Identify each line in the records below that contains the word "from", and copy it.

(Data items)
┌──
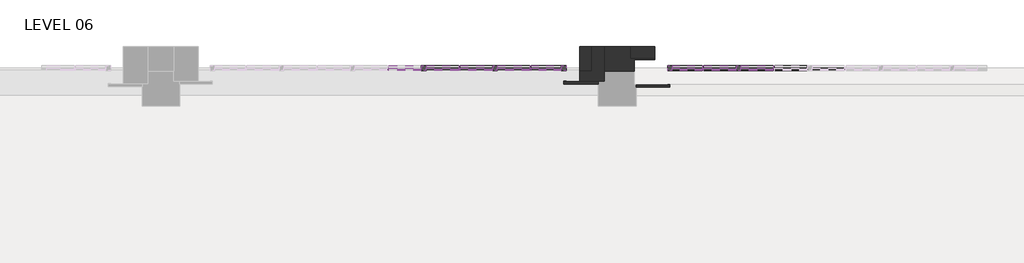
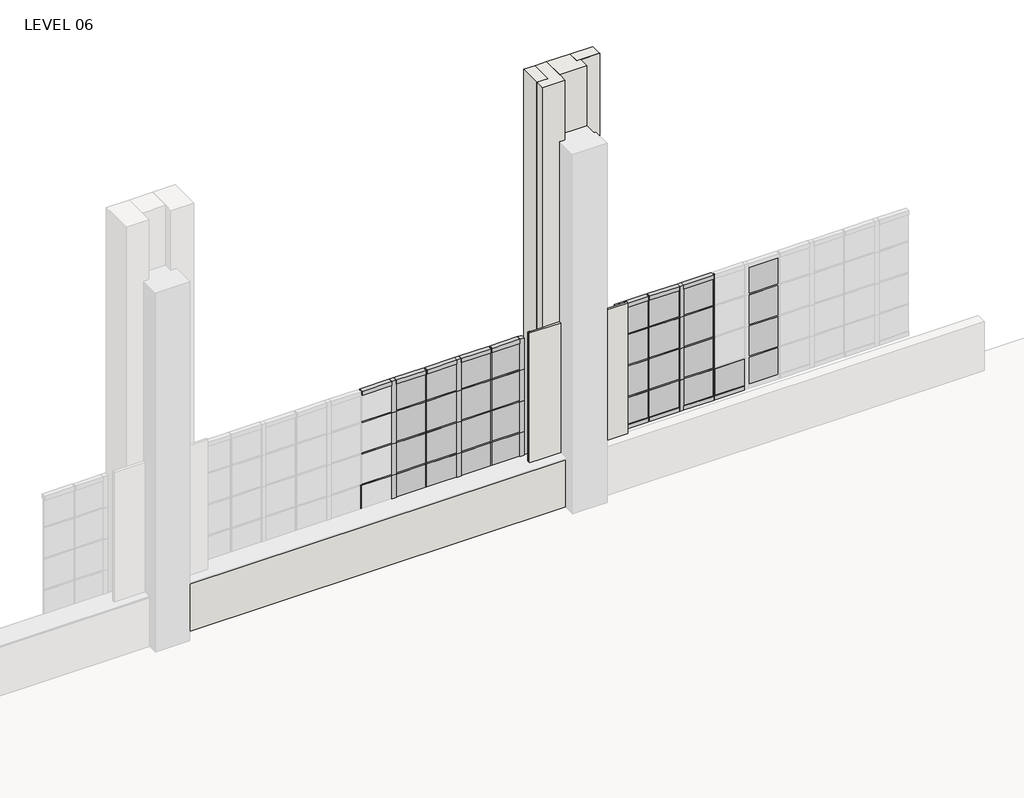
# One storey, part 10 of 16: 77 members, 33 plates, 9 walls.
"""IFC4 building model written with IfcOpenShell, lengths in millimetres."""

from ifc_helpers import new_model, si_unit, frame, origin, place, context, project, spatial, polyline, outline, extrude, faceted_brep, transform, mapped, element, save
from components import member_605ff978, member_d9fe2114, member_fd592df6, member_78bb2ef1, member_40290cd5, member_ba51e770, member_6e5aab5d, member_bacafba3, member_a6d649dc, system_panel_glazed_84a10c8e, system_panel_glazed_44697018, system_panel_glazed_99b9b709, system_panel_glazed_bf1454fd, system_panel_glazed_f5a07ad7, system_panel_glazed_70237ed9

model = new_model("IFC4")

# Units and contexts
model_context = context("Model", 3, world=origin())
ifc_project = project(units=[si_unit("LENGTHUNIT", "METRE", prefix="MILLI")], contexts=[model_context])

# Site, building, storey
site = spatial("IfcSite", under=ifc_project)
building = spatial("IfcBuilding", under=site)
storey = spatial("IfcBuildingStorey", under=building, Name="LEVEL 06", Elevation=17449.8)

# Members
placement = place(None, origin())
member_shape = member_605ff978(model_context)
element("IfcMember", 1, ObjectType="Rectangular Mullion : 1\" x 1\" - Butt Joint", at=placement, inside=storey, context=model_context, shape_type="MappedRepresentation", body=[
    mapped(member_shape, transform((-21405.0571519, -412.75, 19989.8), x_axis=(0.0, 0.0, 1.0), y_axis=(0.0, -1.0, 0.0), z_axis=(1.0, 0.0, 0.0))),
])
element("IfcMember", 2, ObjectType="Rectangular Mullion : 1\" x 1\" - Butt Joint", at=placement, inside=storey, context=model_context, shape_type="MappedRepresentation", body=[
    mapped(member_shape, transform((-21405.0571519, -412.75, 19405.6), x_axis=(0.0, 0.0, 1.0), y_axis=(0.0, -1.0, 0.0), z_axis=(1.0, 0.0, 0.0))),
])
element("IfcMember", 3, ObjectType="Rectangular Mullion : 1\" x 1\" - Butt Joint", at=placement, inside=storey, context=model_context, shape_type="MappedRepresentation", body=[
    mapped(member_shape, transform((-21405.0571519, -412.75, 18821.4), x_axis=(0.0, 0.0, 1.0), y_axis=(0.0, -1.0, 0.0), z_axis=(1.0, 0.0, 0.0))),
])
member_2_shape = member_d9fe2114(model_context)
element("IfcMember", 4, ObjectType="Rectangular Mullion : 1\" x 1\" - Butt Joint", at=placement, inside=storey, context=model_context, shape_type="MappedRepresentation", body=[
    mapped(member_2_shape, transform((-20856.4171519, -412.75, 19989.8), x_axis=(0.0, 0.0, 1.0), y_axis=(0.0, -1.0, 0.0), z_axis=(1.0, 0.0, 0.0))),
])
element("IfcMember", 5, ObjectType="Rectangular Mullion : 1\" x 1\" - Butt Joint", at=placement, inside=storey, context=model_context, shape_type="MappedRepresentation", body=[
    mapped(member_2_shape, transform((-20256.9771519, -412.75, 19989.8), x_axis=(0.0, 0.0, 1.0), y_axis=(0.0, -1.0, 0.0), z_axis=(1.0, 0.0, 0.0))),
])
element("IfcMember", 6, ObjectType="Rectangular Mullion : 1\" x 1\" - Butt Joint", at=placement, inside=storey, context=model_context, shape_type="MappedRepresentation", body=[
    mapped(member_2_shape, transform((-20856.4171519, -412.75, 19405.6), x_axis=(0.0, 0.0, 1.0), y_axis=(0.0, -1.0, 0.0), z_axis=(1.0, 0.0, 0.0))),
])
element("IfcMember", 7, ObjectType="Rectangular Mullion : 1\" x 1\" - Butt Joint", at=placement, inside=storey, context=model_context, shape_type="MappedRepresentation", body=[
    mapped(member_2_shape, transform((-20256.9771519, -412.75, 19405.6), x_axis=(0.0, 0.0, 1.0), y_axis=(0.0, -1.0, 0.0), z_axis=(1.0, 0.0, 0.0))),
])
element("IfcMember", 8, ObjectType="Rectangular Mullion : 1\" x 1\" - Butt Joint", at=placement, inside=storey, context=model_context, shape_type="MappedRepresentation", body=[
    mapped(member_2_shape, transform((-20856.4171519, -412.75, 18821.4), x_axis=(0.0, 0.0, 1.0), y_axis=(0.0, -1.0, 0.0), z_axis=(1.0, 0.0, 0.0))),
])
element("IfcMember", 9, ObjectType="Rectangular Mullion : 1\" x 1\" - Butt Joint", at=placement, inside=storey, context=model_context, shape_type="MappedRepresentation", body=[
    mapped(member_2_shape, transform((-20256.9771519, -412.75, 18821.4), x_axis=(0.0, 0.0, 1.0), y_axis=(0.0, -1.0, 0.0), z_axis=(1.0, 0.0, 0.0))),
])
element("IfcMember", 10, ObjectType="Rectangular Mullion : 1\" x 1\" - Butt Joint", at=placement, inside=storey, context=model_context, shape_type="MappedRepresentation", body=[
    mapped(member_2_shape, transform((-25932.5721217, -412.75, 19989.8), x_axis=(0.0, 0.0, 1.0), y_axis=(0.0, -1.0, 0.0), z_axis=(1.0, 0.0, 0.0))),
])
element("IfcMember", 11, ObjectType="Rectangular Mullion : 1\" x 1\" - Butt Joint", at=placement, inside=storey, context=model_context, shape_type="MappedRepresentation", body=[
    mapped(member_2_shape, transform((-24784.4921217, -412.75, 19989.8), x_axis=(0.0, 0.0, 1.0), y_axis=(0.0, -1.0, 0.0), z_axis=(1.0, 0.0, 0.0))),
])
element("IfcMember", 12, ObjectType="Rectangular Mullion : 1\" x 1\" - Butt Joint", at=placement, inside=storey, context=model_context, shape_type="MappedRepresentation", body=[
    mapped(member_2_shape, transform((-25333.1321217, -412.75, 19989.8), x_axis=(0.0, 0.0, 1.0), y_axis=(0.0, -1.0, 0.0), z_axis=(1.0, 0.0, 0.0))),
])
element("IfcMember", 13, ObjectType="Rectangular Mullion : 1\" x 1\" - Butt Joint", at=placement, inside=storey, context=model_context, shape_type="MappedRepresentation", body=[
    mapped(member_2_shape, transform((-24185.0521217, -412.75, 19989.8), x_axis=(0.0, 0.0, 1.0), y_axis=(0.0, -1.0, 0.0), z_axis=(1.0, 0.0, 0.0))),
])
element("IfcMember", 14, ObjectType="Rectangular Mullion : 1\" x 1\" - Butt Joint", at=placement, inside=storey, context=model_context, shape_type="MappedRepresentation", body=[
    mapped(member_2_shape, transform((-25932.5721217, -412.75, 19405.6), x_axis=(0.0, 0.0, 1.0), y_axis=(0.0, -1.0, 0.0), z_axis=(1.0, 0.0, 0.0))),
])
element("IfcMember", 15, ObjectType="Rectangular Mullion : 1\" x 1\" - Butt Joint", at=placement, inside=storey, context=model_context, shape_type="MappedRepresentation", body=[
    mapped(member_2_shape, transform((-24784.4921217, -412.75, 19405.6), x_axis=(0.0, 0.0, 1.0), y_axis=(0.0, -1.0, 0.0), z_axis=(1.0, 0.0, 0.0))),
])
element("IfcMember", 16, ObjectType="Rectangular Mullion : 1\" x 1\" - Butt Joint", at=placement, inside=storey, context=model_context, shape_type="MappedRepresentation", body=[
    mapped(member_2_shape, transform((-25333.1321217, -412.75, 19405.6), x_axis=(0.0, 0.0, 1.0), y_axis=(0.0, -1.0, 0.0), z_axis=(1.0, 0.0, 0.0))),
])
element("IfcMember", 17, ObjectType="Rectangular Mullion : 1\" x 1\" - Butt Joint", at=placement, inside=storey, context=model_context, shape_type="MappedRepresentation", body=[
    mapped(member_2_shape, transform((-24185.0521217, -412.75, 19405.6), x_axis=(0.0, 0.0, 1.0), y_axis=(0.0, -1.0, 0.0), z_axis=(1.0, 0.0, 0.0))),
])
element("IfcMember", 18, ObjectType="Rectangular Mullion : 1\" x 1\" - Butt Joint", at=placement, inside=storey, context=model_context, shape_type="MappedRepresentation", body=[
    mapped(member_2_shape, transform((-25932.5721217, -412.75, 18821.4), x_axis=(0.0, 0.0, 1.0), y_axis=(0.0, -1.0, 0.0), z_axis=(1.0, 0.0, 0.0))),
])
element("IfcMember", 19, ObjectType="Rectangular Mullion : 1\" x 1\" - Butt Joint", at=placement, inside=storey, context=model_context, shape_type="MappedRepresentation", body=[
    mapped(member_2_shape, transform((-24784.4921217, -412.75, 18821.4), x_axis=(0.0, 0.0, 1.0), y_axis=(0.0, -1.0, 0.0), z_axis=(1.0, 0.0, 0.0))),
])
element("IfcMember", 20, ObjectType="Rectangular Mullion : 1\" x 1\" - Butt Joint", at=placement, inside=storey, context=model_context, shape_type="MappedRepresentation", body=[
    mapped(member_2_shape, transform((-25333.1321217, -412.75, 18821.4), x_axis=(0.0, 0.0, 1.0), y_axis=(0.0, -1.0, 0.0), z_axis=(1.0, 0.0, 0.0))),
])
element("IfcMember", 21, ObjectType="Rectangular Mullion : 1\" x 1\" - Butt Joint", at=placement, inside=storey, context=model_context, shape_type="MappedRepresentation", body=[
    mapped(member_2_shape, transform((-24185.0521217, -412.75, 18821.4), x_axis=(0.0, 0.0, 1.0), y_axis=(0.0, -1.0, 0.0), z_axis=(1.0, 0.0, 0.0))),
])
member_3_shape = member_fd592df6(model_context)
element("IfcMember", 22, ObjectType="Rectangular Mullion : 1\" x 1\" - Butt Joint", at=placement, inside=storey, context=model_context, shape_type="MappedRepresentation", body=[
    mapped(member_3_shape, transform((-23674.5121217, -412.75, 19989.8), x_axis=(0.0, 0.0, 1.0), y_axis=(0.0, -1.0, 0.0), z_axis=(1.0, 0.0, 0.0))),
])
element("IfcMember", 23, ObjectType="Rectangular Mullion : 1\" x 1\" - Butt Joint", at=placement, inside=storey, context=model_context, shape_type="MappedRepresentation", body=[
    mapped(member_3_shape, transform((-23674.5121217, -412.75, 19405.6), x_axis=(0.0, 0.0, 1.0), y_axis=(0.0, -1.0, 0.0), z_axis=(1.0, 0.0, 0.0))),
])
element("IfcMember", 24, ObjectType="Rectangular Mullion : 1\" x 1\" - Butt Joint", at=placement, inside=storey, context=model_context, shape_type="MappedRepresentation", body=[
    mapped(member_3_shape, transform((-23674.5121217, -412.75, 18821.4), x_axis=(0.0, 0.0, 1.0), y_axis=(0.0, -1.0, 0.0), z_axis=(1.0, 0.0, 0.0))),
])
member_4_shape = member_78bb2ef1(model_context)
element("IfcMember", 25, ObjectType="Rectangular Mullion : 1\" x 1\" - Butt Joint", at=placement, inside=storey, context=model_context, shape_type="MappedRepresentation", body=[
    mapped(member_4_shape, transform((-20244.2771519, -412.75, 19989.8), x_axis=(1.0, 0.0, 0.0), y_axis=(0.0, -1.0, 0.0), z_axis=(0.0, 0.0, -1.0))),
])
element("IfcMember", 26, ObjectType="Rectangular Mullion : 1\" x 1\" - Butt Joint", at=placement, inside=storey, context=model_context, shape_type="MappedRepresentation", body=[
    mapped(member_4_shape, transform((-21392.3571519, -412.75, 19989.8), x_axis=(1.0, 0.0, 0.0), y_axis=(0.0, -1.0, 0.0), z_axis=(0.0, 0.0, -1.0))),
])
element("IfcMember", 27, ObjectType="Rectangular Mullion : 1\" x 1\" - Butt Joint", at=placement, inside=storey, context=model_context, shape_type="MappedRepresentation", body=[
    mapped(member_4_shape, transform((-24172.3521217, -412.75, 19989.8), x_axis=(1.0, 0.0, 0.0), y_axis=(0.0, -1.0, 0.0), z_axis=(0.0, 0.0, -1.0))),
])
element("IfcMember", 28, ObjectType="Rectangular Mullion : 1\" x 1\" - Butt Joint", at=placement, inside=storey, context=model_context, shape_type="MappedRepresentation", body=[
    mapped(member_4_shape, transform((-25320.4321217, -412.75, 19989.8), x_axis=(1.0, 0.0, 0.0), y_axis=(0.0, -1.0, 0.0), z_axis=(0.0, 0.0, -1.0))),
])
element("IfcMember", 29, ObjectType="Rectangular Mullion : 1\" x 1\" - Butt Joint", at=placement, inside=storey, context=model_context, shape_type="MappedRepresentation", body=[
    mapped(member_4_shape, transform((-20244.2771519, -412.75, 18821.4), x_axis=(1.0, 0.0, 0.0), y_axis=(0.0, -1.0, 0.0), z_axis=(0.0, 0.0, -1.0))),
])
element("IfcMember", 30, ObjectType="Rectangular Mullion : 1\" x 1\" - Butt Joint", at=placement, inside=storey, context=model_context, shape_type="MappedRepresentation", body=[
    mapped(member_4_shape, transform((-20244.2771519, -412.75, 19405.6), x_axis=(1.0, 0.0, 0.0), y_axis=(0.0, -1.0, 0.0), z_axis=(0.0, 0.0, -1.0))),
])
element("IfcMember", 31, ObjectType="Rectangular Mullion : 1\" x 1\" - Butt Joint", at=placement, inside=storey, context=model_context, shape_type="MappedRepresentation", body=[
    mapped(member_4_shape, transform((-21392.3571519, -412.75, 18821.4), x_axis=(1.0, 0.0, 0.0), y_axis=(0.0, -1.0, 0.0), z_axis=(0.0, 0.0, -1.0))),
])
element("IfcMember", 32, ObjectType="Rectangular Mullion : 1\" x 1\" - Butt Joint", at=placement, inside=storey, context=model_context, shape_type="MappedRepresentation", body=[
    mapped(member_4_shape, transform((-21392.3571519, -412.75, 19405.6), x_axis=(1.0, 0.0, 0.0), y_axis=(0.0, -1.0, 0.0), z_axis=(0.0, 0.0, -1.0))),
])
element("IfcMember", 33, ObjectType="Rectangular Mullion : 1\" x 1\" - Butt Joint", at=placement, inside=storey, context=model_context, shape_type="MappedRepresentation", body=[
    mapped(member_4_shape, transform((-24172.3521217, -412.75, 18821.4), x_axis=(1.0, 0.0, 0.0), y_axis=(0.0, -1.0, 0.0), z_axis=(0.0, 0.0, -1.0))),
])
element("IfcMember", 34, ObjectType="Rectangular Mullion : 1\" x 1\" - Butt Joint", at=placement, inside=storey, context=model_context, shape_type="MappedRepresentation", body=[
    mapped(member_4_shape, transform((-24172.3521217, -412.75, 19405.6), x_axis=(1.0, 0.0, 0.0), y_axis=(0.0, -1.0, 0.0), z_axis=(0.0, 0.0, -1.0))),
])
element("IfcMember", 35, ObjectType="Rectangular Mullion : 1\" x 1\" - Butt Joint", at=placement, inside=storey, context=model_context, shape_type="MappedRepresentation", body=[
    mapped(member_4_shape, transform((-25320.4321217, -412.75, 18821.4), x_axis=(1.0, 0.0, 0.0), y_axis=(0.0, -1.0, 0.0), z_axis=(0.0, 0.0, -1.0))),
])
element("IfcMember", 36, ObjectType="Rectangular Mullion : 1\" x 1\" - Butt Joint", at=placement, inside=storey, context=model_context, shape_type="MappedRepresentation", body=[
    mapped(member_4_shape, transform((-25320.4321217, -412.75, 19405.6), x_axis=(1.0, 0.0, 0.0), y_axis=(0.0, -1.0, 0.0), z_axis=(0.0, 0.0, -1.0))),
])
element("IfcMember", 37, ObjectType="Rectangular Mullion : 1\" x 1\" - Butt Joint", at=placement, inside=storey, context=model_context, shape_type="MappedRepresentation", body=[
    mapped(member_4_shape, transform((-20244.2771519, -412.75, 18237.2), x_axis=(1.0, 0.0, 0.0), y_axis=(0.0, -1.0, 0.0), z_axis=(0.0, 0.0, -1.0))),
])
element("IfcMember", 38, ObjectType="Rectangular Mullion : 1\" x 1\" - Butt Joint", at=placement, inside=storey, context=model_context, shape_type="MappedRepresentation", body=[
    mapped(member_4_shape, transform((-21392.3571519, -412.75, 18237.2), x_axis=(1.0, 0.0, 0.0), y_axis=(0.0, -1.0, 0.0), z_axis=(0.0, 0.0, -1.0))),
])
element("IfcMember", 39, ObjectType="Rectangular Mullion : 1\" x 1\" - Butt Joint", at=placement, inside=storey, context=model_context, shape_type="MappedRepresentation", body=[
    mapped(member_4_shape, transform((-24172.3521217, -412.75, 18237.2), x_axis=(1.0, 0.0, 0.0), y_axis=(0.0, -1.0, 0.0), z_axis=(0.0, 0.0, -1.0))),
])
element("IfcMember", 40, ObjectType="Rectangular Mullion : 1\" x 1\" - Butt Joint", at=placement, inside=storey, context=model_context, shape_type="MappedRepresentation", body=[
    mapped(member_4_shape, transform((-25320.4321217, -412.75, 18237.2), x_axis=(1.0, 0.0, 0.0), y_axis=(0.0, -1.0, 0.0), z_axis=(0.0, 0.0, -1.0))),
])
element("IfcMember", 41, ObjectType="Rectangular Mullion : 1\" x 1\" - Butt Joint", at=placement, inside=storey, context=model_context, shape_type="MappedRepresentation", body=[
    mapped(member_4_shape, transform((-26468.5121217, -412.75, 18237.2), x_axis=(1.0, 0.0, 0.0), y_axis=(0.0, -1.0, 0.0), z_axis=(0.0, 0.0, -1.0))),
])
member_5_shape = member_40290cd5(model_context)
element("IfcMember", 42, ObjectType="Rectangular Mullion : 3\" x 3\" Window Jamb", at=placement, inside=storey, context=model_context, shape_type="MappedRepresentation", body=[
    mapped(member_5_shape, transform((-21405.0571519, -412.75, 20574.0), x_axis=(0.0, 0.0, 1.0), y_axis=(0.0, -1.0, 0.0), z_axis=(1.0, 0.0, 0.0))),
])
element("IfcMember", 43, ObjectType="Rectangular Mullion : 3\" x 3\" Window Jamb", at=placement, inside=storey, context=model_context, shape_type="MappedRepresentation", body=[
    mapped(member_5_shape, transform((-21885.7412013, -412.75, 18237.2), x_axis=(0.0, 0.0, -1.0), y_axis=(0.0, -1.0, 0.0), z_axis=(-1.0, 0.0, 0.0))),
])
member_6_shape = member_ba51e770(model_context)
element("IfcMember", 44, ObjectType="Rectangular Mullion : 3\" x 3\" Window Jamb", at=placement, inside=storey, context=model_context, shape_type="MappedRepresentation", body=[
    mapped(member_6_shape, transform((-23674.5121217, -412.75, 20574.0), x_axis=(0.0, 0.0, 1.0), y_axis=(0.0, -1.0, 0.0), z_axis=(1.0, 0.0, 0.0))),
])
member_7_shape = member_6e5aab5d(model_context)
element("IfcMember", 45, ObjectType="Rectangular Mullion : 3\" x 3\" Window Jamb", at=placement, inside=storey, context=model_context, shape_type="MappedRepresentation", body=[
    mapped(member_7_shape, transform((-20256.9771519, -412.75, 20574.0), x_axis=(0.0, 0.0, 1.0), y_axis=(0.0, -1.0, 0.0), z_axis=(1.0, 0.0, 0.0))),
])
element("IfcMember", 46, ObjectType="Rectangular Mullion : 3\" x 3\" Window Jamb", at=placement, inside=storey, context=model_context, shape_type="MappedRepresentation", body=[
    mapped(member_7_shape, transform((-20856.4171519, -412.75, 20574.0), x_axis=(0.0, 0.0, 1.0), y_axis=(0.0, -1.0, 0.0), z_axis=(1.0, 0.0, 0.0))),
└──
COMPLETED EXERCISE:
from ifc_helpers import new_model, si_unit, frame, origin, place, context, project, spatial, polyline, outline, extrude, faceted_brep, transform, mapped, element, save
from components import member_605ff978, member_d9fe2114, member_fd592df6, member_78bb2ef1, member_40290cd5, member_ba51e770, member_6e5aab5d, member_bacafba3, member_a6d649dc, system_panel_glazed_84a10c8e, system_panel_glazed_44697018, system_panel_glazed_99b9b709, system_panel_glazed_bf1454fd, system_panel_glazed_f5a07ad7, system_panel_glazed_70237ed9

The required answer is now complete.